#Askingforafriend: How can we practice distress tolerance?
By Lauren Dixon
GCU Office of Student Care
When confronted with distressing circumstances that induce physical and/or emotional discomfort, it is only natural for the mind and body to instinctively respond with some level of resistance.
Resistance occurs in response to uncomfortable feelings (that is, resistance is a separate thing from the emotions we resist against).
Metaphorically, resistance is like slamming on the brakes of your car as you enter a long, dark tunnel that you didn’t want to enter.
Resistance from the mind clings to thoughts like, “This should not be like this.”
We think, “This tunnel shouldn’t be here,” “There should be a way to exit immediately,” and “Someone should come and get me out of here.”
Resistance from the body is apparent when breath becomes more shallow, heart rate increases, muscles tense, irritability increases and, possibly, anxious sensations are felt in the chest and/or stomach.
The body prepares to flee the tunnel, to fight its way out of the tunnel or to freeze in place until help arrives.
Our mind and body seem to be doing their best to communicate a helpful message: “Being in this tunnel is uncomfortable. Get out of it right now so you can be comfortable again.”
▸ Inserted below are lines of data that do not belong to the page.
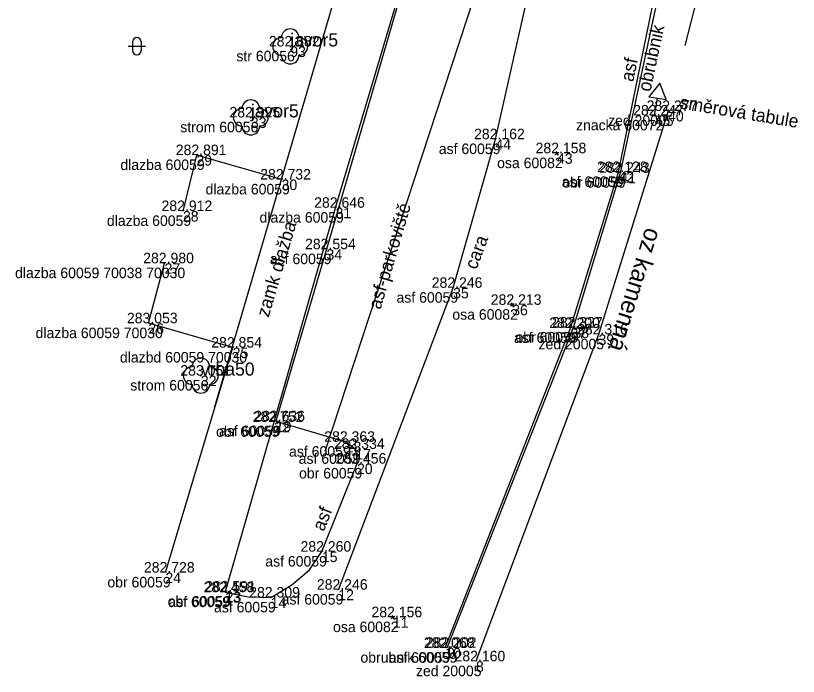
# Model space of a CAD drawing. Extents: x -728659 to -728362, y -1073110 to -1072943.
# Drawn here: x -728543.14 to -728498.39, y -1073109.6 to -1073071.85 of the extents above; entities that cross this region are included whole.
import ezdxf

# ---------------------------------------------------------------- set-up
doc = ezdxf.new("R2010")
doc.units = 0
for name, color, linetype in [('Vrstva 13', 7, 'Continuous'), ('Vrstva 49', 7, 'Continuous'), ('Vrstva 50', 7, 'Continuous'), ('Vrstva 51', 7, 'Continuous'), ('Vrstva 55', 7, 'Continuous'), ('Vrstva 58', 7, 'Continuous'), ('Vrstva 60', 7, 'Continuous'), ('Vrstva 61', 7, 'Continuous'), ('Vrstva 62', 7, 'Continuous'), ('Vrstva 63', 7, 'Continuous')]:
    doc.layers.add(name, color=color, linetype=linetype)

msp = doc.modelspace()

# ---------------------------------------------------------------- linework, layer by layer
at = {"layer": 'Vrstva 13'}
msp.add_lwpolyline([(-728505.84, -1073077.298), (-728509.816, -1073090.065), (-728516.822, -1073108.739)], dxfattribs=at)
at = {"layer": 'Vrstva 49'}
for p, q in [((-728512.255, -1073079.609), (-728512.121, -1073079.821)), ((-728512.294, -1073079.782), (-728512.082, -1073079.648)), ((-728514.856, -1073088.44), (-728514.644, -1073088.306)), ((-728514.817, -1073088.267), (-728514.683, -1073088.479)), ((-728521.676, -1073106.288), (-728521.464, -1073106.154)), ((-728521.637, -1073106.115), (-728521.503, -1073106.327))]:
    msp.add_line(p, q, dxfattribs=at)
at = {"layer": 'Vrstva 50'}
for p, q in [((-728527.471, -1073073.614), (-728527.4, -1073073.614)), ((-728529.723, -1073077.667), (-728529.652, -1073077.667)), ((-728532.581, -1073092.419), (-728532.51, -1073092.419))]:
    msp.add_line(p, q, dxfattribs=at)
for centre, start, end in [((-728527.441, -1073073.113), 0, 180), ((-728527.941, -1073073.613), 90, 270), ((-728526.941, -1073073.613), 270, 90), ((-728527.441, -1073074.113), 180, 0), ((-728529.693, -1073077.166), 0, 180), ((-728530.193, -1073077.666), 90, 270), ((-728529.193, -1073077.666), 270, 90), ((-728529.693, -1073078.166), 180, 0), ((-728532.551, -1073091.918), 0, 180), ((-728533.051, -1073092.418), 90, 270), ((-728532.051, -1073092.418), 270, 90), ((-728532.551, -1073092.918), 180, 0)]:
    msp.add_arc(centre, 0.5, start, end, dxfattribs=at)
at = {"layer": 'Vrstva 51'}
msp.add_line((-728506.858, -1073077.515), (-728506.364, -1073077.597), dxfattribs=at)
for points in [[(-728531.131, -1073104.759), (-728528.363, -1073095.064), (-728524.847, -1073082.829), (-728520.445, -1073068.019), (-728519.555, -1073066.763), (-728518.532, -1073066.599), (-728513.679, -1073067.545)], [(-728513.171, -1073067.654), (-728514.129, -1073069.149), (-728515.701, -1073069.511), (-728520.385, -1073068.108), (-728525.367, -1073085.199), (-728528.271, -1073095.025), (-728524.268, -1073096.199), (-728523.716, -1073096.605), (-728523.622, -1073097.442)], [(-728524.69, -1073104.648), (-728518.127, -1073087.402), (-728515.708, -1073078.91), (-728513.171, -1073067.654)], [(-728518.577, -1073107.972), (-728511.413, -1073089.698), (-728508.676, -1073080.788), (-728506.273, -1073069.065)], [(-728518.469, -1073107.966), (-728511.248, -1073089.672), (-728508.568, -1073080.832), (-728506.346, -1073070.488)], [(-728506.611, -1073077.556), (-728506.447, -1073076.57), (-728505.954, -1073076.652), (-728506.304, -1073075.706), (-728506.94, -1073076.488), (-728506.447, -1073076.57)], [(-728527.933, -1073081.215), (-728532.804, -1073079.821), (-728533.573, -1073083.015)], [(-728534.577, -1073103.667), (-728530.73, -1073090.819), (-728535.551, -1073089.428), (-728534.621, -1073085.999)], [(-728531.165, -1073104.792), (-728529.851, -1073105.049), (-728528.558, -1073105.095), (-728527.351, -1073104.362), (-728526.348, -1073103.519), (-728525.628, -1073102.474), (-728523.622, -1073097.442)]]:
    msp.add_lwpolyline(points, dxfattribs=at)
at = {"layer": 'Vrstva 55'}
for p, q in [((-728525.44, -1073096.73), (-728510.66, -1073051.71)), ((-728504.87, -1073073.55), (-728499.33, -1073052.26)), ((-728531.77, -1073094.25), (-728523.51, -1073066.11))]:
    msp.add_line(p, q, dxfattribs=at)
at = {"layer": 'Vrstva 58'}
for p, q in [((-728536.462, -1073073.346), (-728536.462, -1073073.846)), ((-728535.962, -1073073.346), (-728535.962, -1073073.846)), ((-728536.712, -1073073.596), (-728535.712, -1073073.596))]:
    msp.add_line(p, q, dxfattribs=at)
for centre, start, end in [((-728536.212, -1073073.346), 0, 180), ((-728536.212, -1073073.846), 180, 0)]:
    msp.add_arc(centre, 0.25, start, end, dxfattribs=at)
at = {"layer": 'Vrstva 60'}
for p, q in [((-728527.436, -1073073.614), (-728527.436, -1073073.614)), ((-728505.84, -1073077.298), (-728505.84, -1073077.298)), ((-728529.687, -1073077.667), (-728529.687, -1073077.667)), ((-728506.611, -1073077.556), (-728506.611, -1073077.556)), ((-728515.708, -1073078.91), (-728515.708, -1073078.91)), ((-728532.804, -1073079.821), (-728532.804, -1073079.821)), ((-728512.188, -1073079.715), (-728512.188, -1073079.715)), ((-728508.676, -1073080.788), (-728508.676, -1073080.788)), ((-728508.568, -1073080.832), (-728508.568, -1073080.832)), ((-728527.933, -1073081.215), (-728527.933, -1073081.215)), ((-728533.573, -1073083.015), (-728533.573, -1073083.015)), ((-728524.847, -1073082.829), (-728524.847, -1073082.829)), ((-728525.367, -1073085.199), (-728525.367, -1073085.199)), ((-728534.621, -1073085.999), (-728534.621, -1073085.999)), ((-728518.127, -1073087.402), (-728518.127, -1073087.402)), ((-728514.75, -1073088.373), (-728514.75, -1073088.373)), ((-728535.551, -1073089.428), (-728535.551, -1073089.428)), ((-728511.413, -1073089.698), (-728511.413, -1073089.698)), ((-728511.248, -1073089.672), (-728511.248, -1073089.672)), ((-728509.816, -1073090.065), (-728509.816, -1073090.065)), ((-728530.73, -1073090.819), (-728530.73, -1073090.819)), ((-728532.545, -1073092.419), (-728532.545, -1073092.419)), ((-728528.363, -1073095.064), (-728528.363, -1073095.064)), ((-728528.271, -1073095.025), (-728528.271, -1073095.025)), ((-728524.268, -1073096.199), (-728524.268, -1073096.199)), ((-728523.716, -1073096.605), (-728523.716, -1073096.605)), ((-728523.622, -1073097.442), (-728523.622, -1073097.442)), ((-728525.628, -1073102.474), (-728525.628, -1073102.474)), ((-728534.577, -1073103.667), (-728534.577, -1073103.667)), ((-728524.69, -1073104.648), (-728524.69, -1073104.648)), ((-728531.165, -1073104.792), (-728531.165, -1073104.792)), ((-728531.131, -1073104.759), (-728531.131, -1073104.759)), ((-728528.558, -1073105.095), (-728528.558, -1073105.095)), ((-728521.57, -1073106.221), (-728521.57, -1073106.221)), ((-728518.577, -1073107.972), (-728518.577, -1073107.972)), ((-728518.469, -1073107.966), (-728518.469, -1073107.966)), ((-728516.822, -1073108.739), (-728516.822, -1073108.739))]:
    msp.add_line(p, q, dxfattribs=at)

# ---------------------------------------------------------------- texts
at = {"layer": 'Vrstva 13'}
msp.add_text('oz kamenná', height=1, rotation=252.702, dxfattribs=at).set_placement((-728507.112, -1073083.905))
at = {"layer": 'Vrstva 51'}
for s, rotation, p in [('obrubnik', 77.8765, (-728506.852, -1073076.234)), ('asf', 78.4159, (-728507.836, -1073075.667)), ('asf-parkoviště', 73.7487, (-728522.281, -1073088.676)), ('zamk dlažba', 73.4464, (-728528.679, -1073089.127)), ('cara', 69.1656, (-728516.802, -1073086.402)), ('asf', 68.2654, (-728525.52, -1073101.354))]:
    msp.add_text(s, height=0.75, rotation=rotation, dxfattribs=at).set_placement(p)
at = {"layer": 'Vrstva 60'}
for s, p in [('93', (-728527.436, -1073074.214)), ('40', (-728505.84, -1073077.898)), ('33', (-728529.687, -1073078.267)), ('45', (-728506.611, -1073078.156)), ('44', (-728515.708, -1073079.51)), ('29', (-728532.804, -1073080.421)), ('43', (-728512.188, -1073080.315)), ('42', (-728508.676, -1073081.388)), ('41', (-728508.568, -1073081.432)), ('30', (-728527.933, -1073081.815)), ('28', (-728533.573, -1073083.615)), ('31', (-728524.847, -1073083.429)), ('34', (-728525.367, -1073085.799)), ('27', (-728534.621, -1073086.599)), ('35', (-728518.127, -1073088.002)), ('36', (-728514.75, -1073088.973)), ('26', (-728535.551, -1073090.028)), ('37', (-728511.413, -1073090.298)), ('38', (-728511.248, -1073090.272)), ('39', (-728509.816, -1073090.665)), ('25', (-728530.73, -1073091.419)), ('32', (-728532.545, -1073093.019)), ('22', (-728528.363, -1073095.664)), ('19', (-728528.271, -1073095.625)), ('18', (-728524.268, -1073096.799)), ('17', (-728523.716, -1073097.205)), ('20', (-728523.622, -1073098.042)), ('15', (-728525.628, -1073103.074)), ('24', (-728534.577, -1073104.267)), ('12', (-728524.69, -1073105.248)), ('13', (-728531.165, -1073105.392)), ('23', (-728531.131, -1073105.359)), ('14', (-728528.558, -1073105.695)), ('11', (-728521.57, -1073106.821)), ('10', (-728518.577, -1073108.572)), ('9', (-728518.469, -1073108.566)), ('8', (-728516.822, -1073109.339))]:
    msp.add_text(s, height=0.6, dxfattribs=at).set_placement(p)
at = {"layer": 'Vrstva 61'}
for s, p in [('282.682', (-728528.66, -1073073.614)), ('282.277', (-728507.066, -1073077.298)), ('282.925', (-728530.915, -1073077.667)), ('282.247', (-728507.837, -1073077.556)), ('282.162', (-728516.932, -1073078.91)), ('282.158', (-728513.415, -1073079.715)), ('282.891', (-728533.983, -1073079.821)), ('282.128', (-728509.903, -1073080.788)), ('282.243', (-728509.794, -1073080.832)), ('282.732', (-728529.157, -1073081.215)), ('282.646', (-728526.073, -1073082.829)), ('282.912', (-728534.797, -1073083.015)), ('282.554', (-728526.592, -1073085.199)), ('282.980', (-728535.846, -1073085.999)), ('282.246', (-728519.353, -1073087.402)), ('282.213', (-728515.976, -1073088.373)), ('283.053', (-728536.777, -1073089.428)), ('282.200', (-728512.638, -1073089.698)), ('282.327', (-728512.474, -1073089.672)), ('282.316', (-728511.042, -1073090.065)), ('282.854', (-728531.955, -1073090.819)), ('283.051', (-728533.724, -1073092.419)), ('282.752', (-728529.587, -1073095.064)), ('282.636', (-728529.497, -1073095.025)), ('282.363', (-728525.494, -1073096.199)), ('282.334', (-728524.941, -1073096.605)), ('282.456', (-728524.848, -1073097.442)), ('282.260', (-728526.853, -1073102.474)), ('282.728', (-728535.804, -1073103.667)), ('282.458', (-728532.392, -1073104.792)), ('282.591', (-728532.31, -1073104.759)), ('282.246', (-728525.916, -1073104.648)), ('282.309', (-728529.785, -1073105.095)), ('282.156', (-728522.796, -1073106.221)), ('282.068', (-728519.804, -1073107.972)), ('282.202', (-728519.693, -1073107.966)), ('282.160', (-728518.047, -1073108.739))]:
    msp.add_text(s, height=0.6, dxfattribs=at).set_placement(p)
at = {"layer": 'Vrstva 62'}
for s, p in [('str 60056', (-728530.52, -1073074.464)), ('znacka 60072', (-728511.105, -1073078.406)), ('zed 20005', (-728509.272, -1073078.148)), ('strom 60056', (-728533.726, -1073078.517)), ('asf 60059', (-728518.947, -1073079.76)), ('dlazba 60059', (-728537.151, -1073080.671)), ('osa 60082', (-728515.612, -1073080.565)), ('asf 60059', (-728511.915, -1073081.638)), ('obr 60059', (-728511.883, -1073081.682)), ('dlazba 60059', (-728532.28, -1073082.065)), ('dlazba 60059', (-728529.194, -1073083.679)), ('dlazba 60059', (-728537.92, -1073083.865)), ('asf 60059', (-728528.606, -1073086.049)), ('dlazba 60059 70038 70030', (-728543.17, -1073086.849)), ('asf 60059', (-728521.366, -1073088.252)), ('osa 60082', (-728518.174, -1073089.223)), ('dlazba 60059 70030', (-728541.997, -1073090.278)), ('asf 60059', (-728514.652, -1073090.548)), ('obr 60059', (-728514.563, -1073090.522)), ('zed 20005', (-728513.248, -1073090.915)), ('dlazbd 60059 70030', (-728537.176, -1073091.669)), ('strom 60056', (-728536.584, -1073093.269)), ('obr 60059', (-728531.678, -1073095.914)), ('asf 60059', (-728531.51, -1073095.875)), ('asf 60059', (-728527.507, -1073097.049)), ('asf 60059', (-728526.955, -1073097.455)), ('obr 60059', (-728526.937, -1073098.292)), ('asf 60059', (-728528.867, -1073103.324)), ('obr 60059', (-728537.892, -1073104.517)), ('obr 60059', (-728534.446, -1073105.609)), ('asf 60059', (-728534.404, -1073105.642)), ('asf 60059', (-728527.929, -1073105.498)), ('asf 60059', (-728531.797, -1073105.945)), ('osa 60082', (-728524.994, -1073107.071)), ('obrubnik 60059', (-728523.427, -1073108.816)), ('asf 60059', (-728521.816, -1073108.822)), ('zed 20005', (-728520.254, -1073109.589))]:
    msp.add_text(s, height=0.6, dxfattribs=at).set_placement(p)
at = {"layer": 'Vrstva 63'}
for s, p in [('javor5', (-728527.436, -1073073.614)), ('javor5', (-728529.687, -1073077.667)), ('vrba50', (-728532.545, -1073092.419))]:
    msp.add_text(s, height=0.75, dxfattribs=at).set_placement(p)
msp.add_text('směrová tabule', height=0.75, rotation=350.5614, dxfattribs=at).set_placement((-728505.21, -1073077.147))

doc.saveas('drawing.dxf')

If a clear way out is available, then the resistance we experience is helpful and guides us out.
However, if there is no immediately accessible way out, we often find ourselves gridlocked in feelings of frustration, stress or hopelessness.
When we can’t change our circumstances, we either remain stuck in resistance, or we grieve that our circumstances aren’t what we want them to be and move forward in ways we hadn’t planned.
Holding our foot on the brake keeps our feelings of distress frozen in place as we resist them.
When the only way out of the tunnel is to keep moving through it, we need to relax the mind and the body to take the foot off the brake. We must tolerate the discomfort we feel about being in the tunnel as we gently apply pressure to the gas and start to inch our way forward.
When we shift our energy from the brakes to the gas, the tunnel does not change, nor does our distress about being in the tunnel. What changes is our willingness to tolerate the distress in order to keep moving forward.
For those courageous enough to feel their way through the tunnel, here are some helpful reminders for practicing distress tolerance:
- Everything is temporary. While it’s hard to not know how long discomfort will last, we can remind ourselves that no feeling (pleasant or unpleasant) can last or stay the same intensity indefinitely. What we feel will heal.
- Comfort is accessible. In the midst of distress, we can seek moments of solace in nature, in music, in quality time with loved ones, in a delicious meal and in deep breaths.
- Self-care is essential. Get enough sleep, stay hydrated, feed your body well, prioritize daily hygiene practices, exercise, nurture your mind by learning new things and engage in activities that feel fulfilling and productive.